Mayfair Club
- Dissolved: 2000
- Purpose: Gambling, social
- Location: New York City, New York, U.S.;

= Mayfair Club =

Defunct cardroom in New York City

The Mayfair Club was a cardroom in New York City. Originally starting as a bridge and backgammon club, it eventually became "the most touted card club in New York" until its abrupt closing by authorities in 2000. Unlike the other gamehalls in the city, the Mayfair Club kept a low profile in a basement. During the poker era, Mayfair games and tournaments were dealt by the players as opposed to professional dealers in a casino environment. Mayfair Club games were also noted for their high stakes and elite competition.

==Overview==
The Mayfair Club developed a reputation as a training ground for poker players in the mid-eighties as a result of a small group of elite players who played at the club.

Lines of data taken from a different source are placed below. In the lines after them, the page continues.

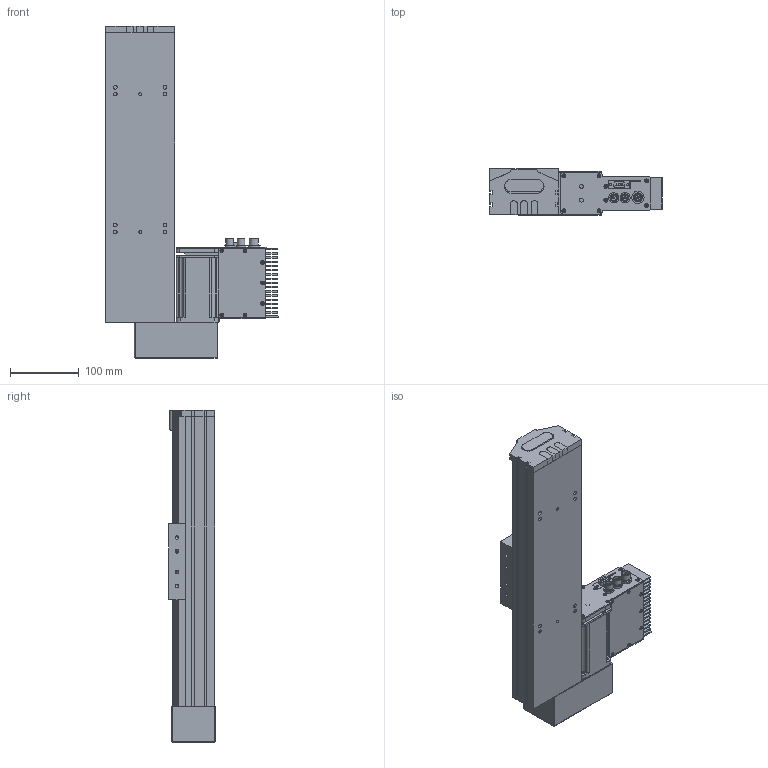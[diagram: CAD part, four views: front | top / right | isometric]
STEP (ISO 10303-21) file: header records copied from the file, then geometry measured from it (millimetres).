
FILE_DESCRIPTION (( 'STEP AP203' ), '1' );
FILE_NAME ('S 10 TSH BR S200.STEP', '2012-09-04T13:16:22', ( 'Conseil Régional Haute-Normandie' ), ( 'Conseil Régional Haute-Normandie' ), 'SwSTEP 2.0', 'SolidWorks 2010', '' );
FILE_SCHEMA (( 'CONFIG_CONTROL_DESIGN' ));
Length unit declared in the file: millimetre
Products named in the file (25): palette tbn2; Pièce2_Default; Assem1_7; Moteur 60BLDC90A_3; Couvercle_3; Radiateur profil_X2_00E9_X0_ 100x25_3; Colonnette ronde_3; T_X2_00F4_X0_le Arri_X2_00E8_X0_re_5; S 10 TSH BR S200; axe420_Default; piece_plastique remplieTSH_Default; embout_modifié; remplir_Default; T_X2_00F4_X0_le contre le moteur_5; BU41 Carte Alimentation P05_3; Colonnette_3; BU45 Carte d''axe A11_5; T_X2_00F4_X0_le fond_3; Connecteur rond D10 3cts_5; Connecteur rond D12 4cts_5; Sub D 9cts 90_X2_00B_X0__3; T_X2_00F4_X0_le lat_X2_00E9_X0_rale_5; Vis TF 3 torkx_1_1; renvoie LH2_Default; Vis TF 3 torkx
Assembly tree (55 placements, depth 3):
  S 10 TSH BR S200
    Vis TF 3 torkx  x7
    Assem1_7
      Colonnette_3  x2
      Couvercle_3
      Connecteur rond D10 3cts_5  x2
      Vis TF 3 torkx_1_1  x21
      BU45 Carte d''axe A11_5
      Sub D 9cts 90_X2_00B_X0__3
      Colonnette ronde_3
      T_X2_00F4_X0_le lat_X2_00E9_X0_rale_5  x2
      Connecteur rond D12 4cts_5
      T_X2_00F4_X0_le contre le moteur_5
      T_X2_00F4_X0_le fond_3
      Radiateur profil_X2_00E9_X0_ 100x25_3
      T_X2_00F4_X0_le Arri_X2_00E8_X0_re_5
      BU41 Carte Alimentation P05_3
      Moteur 60BLDC90A_3
    axe420_Default
    piece_plastique remplieTSH_Default
      Pièce2_Default
      remplir_Default  x3
      embout_modifié
    renvoie LH2_Default
    palette tbn2
Bounding box: 250.67 x 67.49 x 482 mm (x, y, z)
Volume: 2928368 mm3; surface area: 522720.3 mm2
Topology: 53 solids, 53 shells, 1948 faces, 4966 edges, 3230 vertices
Faces by surface type: plane 918, cylinder 859, cone 164, sphere 4, torus 3
Entity records: 38041 total; most frequent: CARTESIAN_POINT 6376, DIRECTION 6181, ORIENTED_EDGE 5624, EDGE_CURVE 2812, AXIS2_PLACEMENT_3D 2260, VERTEX_POINT 1842, LINE 1661, VECTOR 1661

In the 1987 World Series of Poker (WSOP), Mayfair Club regulars finished very high in the Main Event. Jay Heimowitz finished in 11th place, Mickey Appleman in 8th, Dan Harrington in 6th, and Howard Lederer in 5th. This strong showing was repeated in the 1988 WSOP when Jay Heimowitz finished in 15th place, and Erik Seidel in 2nd place. Heimowitz had previously finished third in the 1980 WSOP Main Event and sixth in the 1981 rendition. As of January 2009, these five former Mayfair Club players have won a total of 22 WSOP bracelets, four World Poker Tour titles, and numerous other poker accolades. In 1995, Dan Harrington won the WSOP Main Event, and he went on to make the final table of the main event in 2003 and 2004, for a total of four WSOP Main Event final table appearances. They have also written numerous books and articles. The Mayfair was also home court for business executive Wendeen Eolis, the first woman to cash in the Main Event, namely the 1986 rendition. Other famous players such as Noli Francisco, Steve Zolotow, Stu Ungar, David Catapano, Howard Lederer, Erik Seidel, Jason Lester and Paul Magriel became club regulars, too, further enhancing the club's reputation as the premier poker club in New York. Later, the Chesterfield Club in the film Rounders was modeled after the Mayfair Club.

In October 2008, TV show Poker After Dark featured "Mayfair Week" with six prominent players who had their beginnings at the Mayfair Club.

As the state of New York considers poker to be a game of chance, it is legal to play, but illegal for the host to garner a profit. In other words, one can legally play and win, but operating a poker club is illegal. For years, the Mayfair Club and other established underground poker clubs, were an "open secret among law enforcement officials". Prior to 2000, whenever a poker club was closed down by the police, it was due to criminal offenses (usually drugs or weapons). In 2000, Mayor Rudy Giuliani's "Quality of Life" campaign led to the closure of the Mayfair Club and other game halls in New York.